Every screen.md: gets a header note declaring its capabilities (per the table above) + the invoking flows / conversational entry points that summon it. Retro-applies; will land progressively.
Cross-surface fanout (cross-surface-fanout.brief.md): canonical form of the conversational management pattern.
Flows are first-class: design starts with the conversation; screens are derived from where rich input/output is needed.
Related
- 00-system-visual-system.md — visual sibling.
- 00-system-voice.md — linguistic sibling.
- A-chat-surface.brief.md — the conversation surface.
- B-drawers.brief.md — drawer pattern; many are inspector-shaped invocations.
- cross-surface-fanout.brief.md — multi-surface canonical form.
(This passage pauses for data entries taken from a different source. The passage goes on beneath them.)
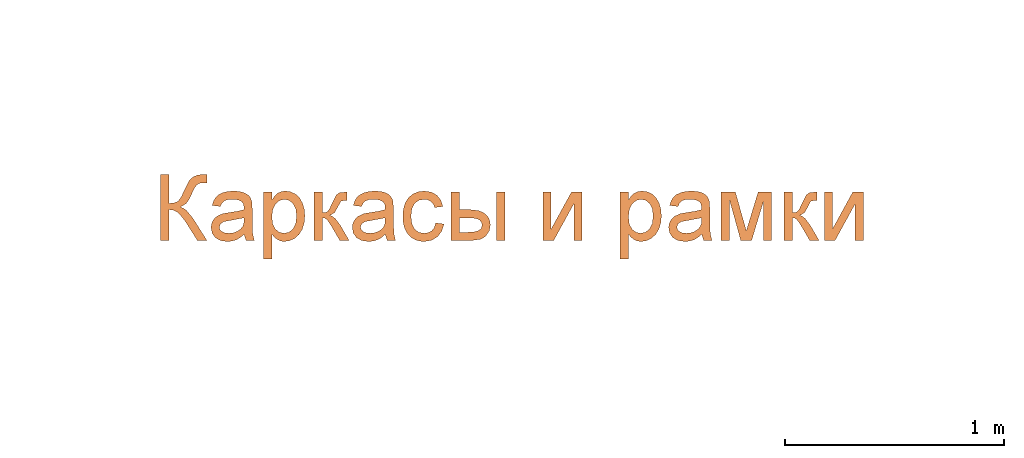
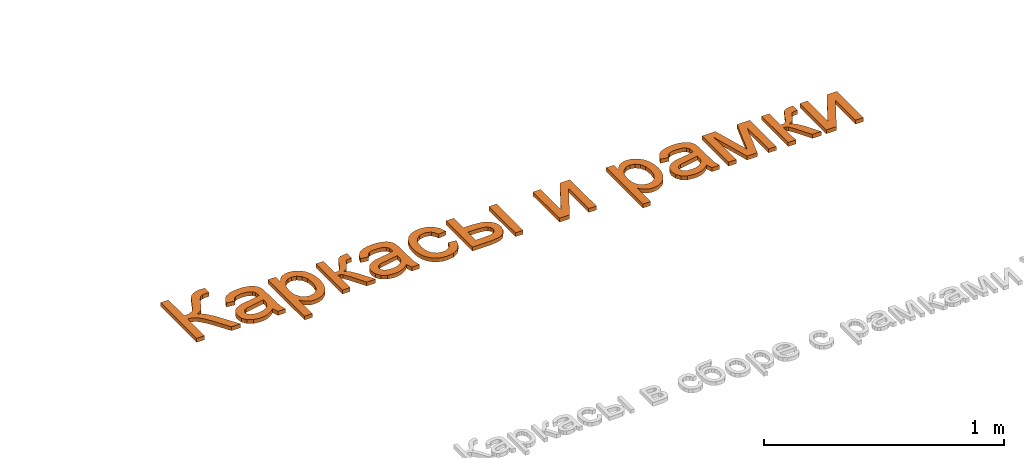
# One storey, part 32 of 87: 1 proxy.
"""IFC2X3 building model written with IfcOpenShell, lengths in millimetres."""

from ifc_helpers import new_model, entity, si_unit, converted_unit, derived_unit, direction, frame, frame_2d, origin, place, context, subcontext, project, spatial, polyline, rectangle, outline, extrude, element, save


model = new_model("IFC2X3")

# Units and contexts
model_context = context("Model", 3, precision=0.01, world=origin(), true_north=direction((6.12303176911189e-17, 1.0)))
body_context = subcontext(model_context, "Body", "Model", "MODEL_VIEW")
ifc_project = project(units=[si_unit("LENGTHUNIT", "METRE", prefix="MILLI"), si_unit("AREAUNIT", "SQUARE_METRE"), si_unit("VOLUMEUNIT", "CUBIC_METRE"), converted_unit("PLANEANGLEUNIT", "DEGREE", entity("IfcRatioMeasure", 0.0174532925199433), si_unit("PLANEANGLEUNIT", "RADIAN"), dimensions=[0, 0, 0, 0, 0, 0, 0]), si_unit("MASSUNIT", "GRAM", prefix="KILO"), derived_unit("MASSDENSITYUNIT", [(si_unit("MASSUNIT", "GRAM", prefix="KILO"), 1), (si_unit("LENGTHUNIT", "METRE"), -3)]), si_unit("TIMEUNIT", "SECOND"), si_unit("FREQUENCYUNIT", "HERTZ"), si_unit("THERMODYNAMICTEMPERATUREUNIT", "DEGREE_CELSIUS"), derived_unit("THERMALTRANSMITTANCEUNIT", [(si_unit("MASSUNIT", "GRAM", prefix="KILO"), 1), (si_unit("THERMODYNAMICTEMPERATUREUNIT", "KELVIN"), -1), (si_unit("TIMEUNIT", "SECOND"), -3)]), derived_unit("VOLUMETRICFLOWRATEUNIT", [(si_unit("LENGTHUNIT", "METRE"), 3), (si_unit("TIMEUNIT", "SECOND"), -1)]), si_unit("ELECTRICCURRENTUNIT", "AMPERE"), si_unit("ELECTRICVOLTAGEUNIT", "VOLT"), si_unit("POWERUNIT", "WATT"), si_unit("FORCEUNIT", "NEWTON", prefix="KILO"), si_unit("ILLUMINANCEUNIT", "LUX"), si_unit("LUMINOUSFLUXUNIT", "LUMEN"), si_unit("LUMINOUSINTENSITYUNIT", "CANDELA"), derived_unit("USERDEFINED", [(si_unit("MASSUNIT", "GRAM", prefix="KILO"), -1), (si_unit("LENGTHUNIT", "METRE"), -2), (si_unit("TIMEUNIT", "SECOND"), 3), (si_unit("LUMINOUSFLUXUNIT", "LUMEN"), 1)]), derived_unit("LINEARVELOCITYUNIT", [(si_unit("LENGTHUNIT", "METRE"), 1), (si_unit("TIMEUNIT", "SECOND"), -1)]), si_unit("PRESSUREUNIT", "PASCAL"), derived_unit("USERDEFINED", [(si_unit("LENGTHUNIT", "METRE"), -2), (si_unit("MASSUNIT", "GRAM", prefix="KILO"), 1), (si_unit("TIMEUNIT", "SECOND"), -2)])], contexts=[model_context])

# Site, building, storey
site_placement = place(None, origin())
site = spatial("IfcSite", under=ifc_project, at=site_placement, Name="Default", CompositionType="ELEMENT")
building_placement = place(site_placement, origin())
building = spatial("IfcBuilding", under=site, at=building_placement, Name="Наименование здания", CompositionType="ELEMENT")
storey_placement = place(building_placement, origin())
storey = spatial("IfcBuildingStorey", under=building, at=storey_placement, Name="Этаж 01", CompositionType="ELEMENT", Elevation=0.0)

# Proxy
proxy_placement = place(storey_placement, origin())
element("IfcBuildingElementProxy", 1, at=proxy_placement, inside=storey, Name="Текст модели:300 мм Arial", ObjectType="Текст модели:300 мм Arial", context=body_context, shape_type="SweptSolid", body=[
    extrude(outline(polyline([(-113.949345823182, -119.344729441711), (187.419584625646, -119.344729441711), (187.419584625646, -81.6736131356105), (46.1528984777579, -81.6736131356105), (49.1603337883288, -59.8306196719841), (58.1826397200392, -42.4206042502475), (75.2799554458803, -25.3968649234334), (102.512420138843, -4.71269974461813), (187.419584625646, 48.8509187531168), (187.419584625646, 92.5552997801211), (86.9142235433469, 29.2060202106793), (51.4136110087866, 0.529618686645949), (40.5886833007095, -13.9603333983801), (34.3806746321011, -28.551453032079), (18.7824780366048, -2.54219597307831), (2.08063545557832, 9.55192461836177), (-52.9729051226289, 36.011837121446), (-67.2283324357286, 46.4964739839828), (-74.0157552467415, 58.6733680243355), (-76.2782295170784, 75.9270335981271), (-75.8367711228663, 92.5552997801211), (-113.50788742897, 92.5552997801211), (-113.949345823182, 67.8336297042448), (-111.834024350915, 50.2212791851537), (-105.488059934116, 34.1724271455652), (-96.0426897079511, 20.652763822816), (-84.6291508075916, 10.6279794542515), (-9.66399724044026, -26.1142348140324), (7.92995917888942, -39.5511246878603), (15.4071607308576, -56.1701938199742), (17.8995612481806, -81.6736131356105), (-113.949345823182, -81.6736131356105), (-113.949345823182, -119.344729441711)])), frame((71011.9352014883, 5397.10994862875, 0.0), z_axis=(0.0, 0.0, 1.0), x_axis=(0.0, -1.0, 0.0)), (0.0, 0.0, 1.0), 20.0),
    extrude(outline(polyline([(109.632642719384, 21.6400019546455), (139.414275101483, 21.6400019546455), (151.326928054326, 57.3779608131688), (118.904502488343, 60.2746899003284), (56.2118396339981, 79.1557794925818), (11.7487931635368, 93.9767949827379), (-20.1035933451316, 102.65534879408), (-34.9333339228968, 102.809492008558), (-48.0122402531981, 99.7818866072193), (-60.1401120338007, 92.6854820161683), (-72.1167489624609, 80.6332276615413), (-83.2645025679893, 63.0696262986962), (-92.9057243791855, 39.4391806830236), (-99.5047989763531, 13.6507300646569), (-101.433043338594, -10.1076835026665), (-98.7108160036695, -30.9664596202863), (-91.358475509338, -48.0559978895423), (-79.0880939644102, -62.4320339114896), (-61.611743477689, -75.1503032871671), (-45.2318456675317, -40.9014260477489), (-57.7232627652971, -28.8462633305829), (-63.8802662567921, -15.5288712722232), (-64.0809432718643, 1.05752027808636), (-58.7033809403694, 22.9196814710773), (-48.4543113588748, 45.0581371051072), (-35.2038116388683, 58.9833769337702), (-22.3081321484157, 62.8863994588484), (-5.5385137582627, 60.0303874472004), (2.34896544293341, 57.1685587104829), (0.499246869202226, 29.5158477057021), (-6.02711866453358, -8.90943813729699), (-10.9597015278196, -41.6226999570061), (-7.5743675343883, -70.5550904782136), (-1.92341912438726, -83.6165466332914), (6.95581170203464, -95.3692396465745), (18.6997796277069, -104.984286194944), (32.9449393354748, -111.632802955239), (58.4832707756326, -115.114112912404), (82.3289352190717, -107.968266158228), (102.393728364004, -90.1778125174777), (116.589445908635, -61.7253018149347), (121.426052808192, -41.3405887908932), (122.301469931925, -21.0896604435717), (118.5816742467, -0.315226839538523), (109.632642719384, 21.6400019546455)]), holes=[polyline([(38.156725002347, 45.4653078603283), (48.208025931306, 41.8822052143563), (63.7910324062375, 35.1173539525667), (73.9644845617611, 27.0146559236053), (82.0235571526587, 13.7030805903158), (86.8892476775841, -3.19741411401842), (87.6483302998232, -22.296630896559), (83.3875791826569, -42.2043724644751), (75.415757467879, -59.6632727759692), (65.2277634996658, -70.8575601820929), (53.8589743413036, -75.9384695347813), (42.3447670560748, -75.0572356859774), (30.2227120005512, -65.5876072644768), (25.4413639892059, -48.5213358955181), (29.8969753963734, -15.842974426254), (38.156725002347, 45.4653078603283)])]), frame((71218.812130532, 5335.10718882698, 0.0), z_axis=(0.0, 0.0, 1.0), x_axis=(0.316227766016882, -0.948683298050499, 0.0)), (0.0, 0.0, 1.0), 20.0),
    extrude(outline(polyline([(-99.8542099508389, -188.324679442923), (-62.1830936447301, -188.324679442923), (-62.1830936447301, -74.1341081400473), (-51.5421069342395, -87.6445744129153), (-38.3075521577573, -98.5982608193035), (-22.8473113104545, -105.854733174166), (-5.5292663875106, -108.273557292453), (18.8889010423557, -104.659116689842), (42.1114519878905, -93.8157948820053), (62.0506561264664, -76.1942473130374), (76.6187831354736, -52.2451294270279), (85.5307244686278, -23.4307721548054), (88.5013715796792, 8.78649357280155), (85.871015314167, 39.0815758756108), (77.9799465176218, 66.8382724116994), (64.9201356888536, 90.3459319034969), (46.7835533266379, 107.893903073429), (24.5082985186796, 118.81999833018), (-0.967529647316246, 122.462030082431), (-20.0973933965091, 119.859264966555), (-36.1370483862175, 112.050969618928), (-49.8958350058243, 99.0371440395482), (-62.1830936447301, 80.8177882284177), (-62.1830936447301, 117.753140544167), (-99.8542099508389, 117.753140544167), (-99.8542099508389, -188.324679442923)]), holes=[polyline([(-62.1830936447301, 5.32840281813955), (-57.8328890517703, 39.4954431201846), (-44.7822752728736, 64.4470394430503), (-26.0846728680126, 79.7049451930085), (-4.79350239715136, 84.7909137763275), (16.4148946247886, 80.0084478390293), (34.422718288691, 65.6610500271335), (46.728371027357, 41.7119321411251), (50.830255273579, 8.12430598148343), (46.6272034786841, -26.9164540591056), (34.0180480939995, -51.399000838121), (15.5227807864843, -65.8015809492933), (-6.33860677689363, -70.6024409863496), (-27.8505064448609, -65.9671278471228), (-45.8859212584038, -52.0611884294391), (-58.1088005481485, -28.4431643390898), (-62.1830936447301, 5.32840281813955)])]), frame((71463.3336358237, 5313.2550317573, 0.0)), (0.0, 0.0, 1.0), 20.0),
    extrude(outline(polyline([(-92.1976330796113, -85.1594264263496), (129.120175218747, -85.1594264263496), (129.120175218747, -47.4883101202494), (25.5246053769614, -47.4883101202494), (27.2628478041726, -36.5438207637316), (32.4775750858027, -27.2548003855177), (61.2091589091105, -7.38917264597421), (129.120175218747, 32.1213536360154), (129.120175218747, 74.9428178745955), (59.7376309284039, 34.6229512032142), (28.8539374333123, 11.2992327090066), (19.4959391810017, -0.528173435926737), (14.1938399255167, -12.4659441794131), (1.0604526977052, 8.83442334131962), (-25.7581447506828, 24.0279497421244), (-50.5533912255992, 36.9773959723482), (-54.5265167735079, 55.3714957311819), (-54.3057875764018, 65.5250387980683), (-92.1976330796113, 65.5250387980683), (-92.1976330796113, 58.3145516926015), (-89.3281535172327, 30.7601902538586), (-78.2549054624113, 15.6034520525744), (-44.2258209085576, -1.57663712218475), (-18.0326228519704, -13.4776196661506), (-4.78887102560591, -22.2516052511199), (0.287900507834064, -32.1660250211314), (1.98015768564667, -47.4883101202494), (-92.1976330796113, -47.4883101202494), (-92.1976330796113, -85.1594264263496)])), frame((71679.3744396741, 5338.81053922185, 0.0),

- surface-tryst.brief.md §14 — first per-surface §14.
- tryst-connect.flow.md — first per-surface conversational flow demonstrating the pattern.
- Every
.screen.md— gets a header capability declaration (audit progressively).
Out of scope
- Voice-only modality variants (it's still conversation; voice is just a different input method).
- Multi-user / shared conversations (W brief).
- Conversation persistence + memory across sessions (engineering concern; not UX).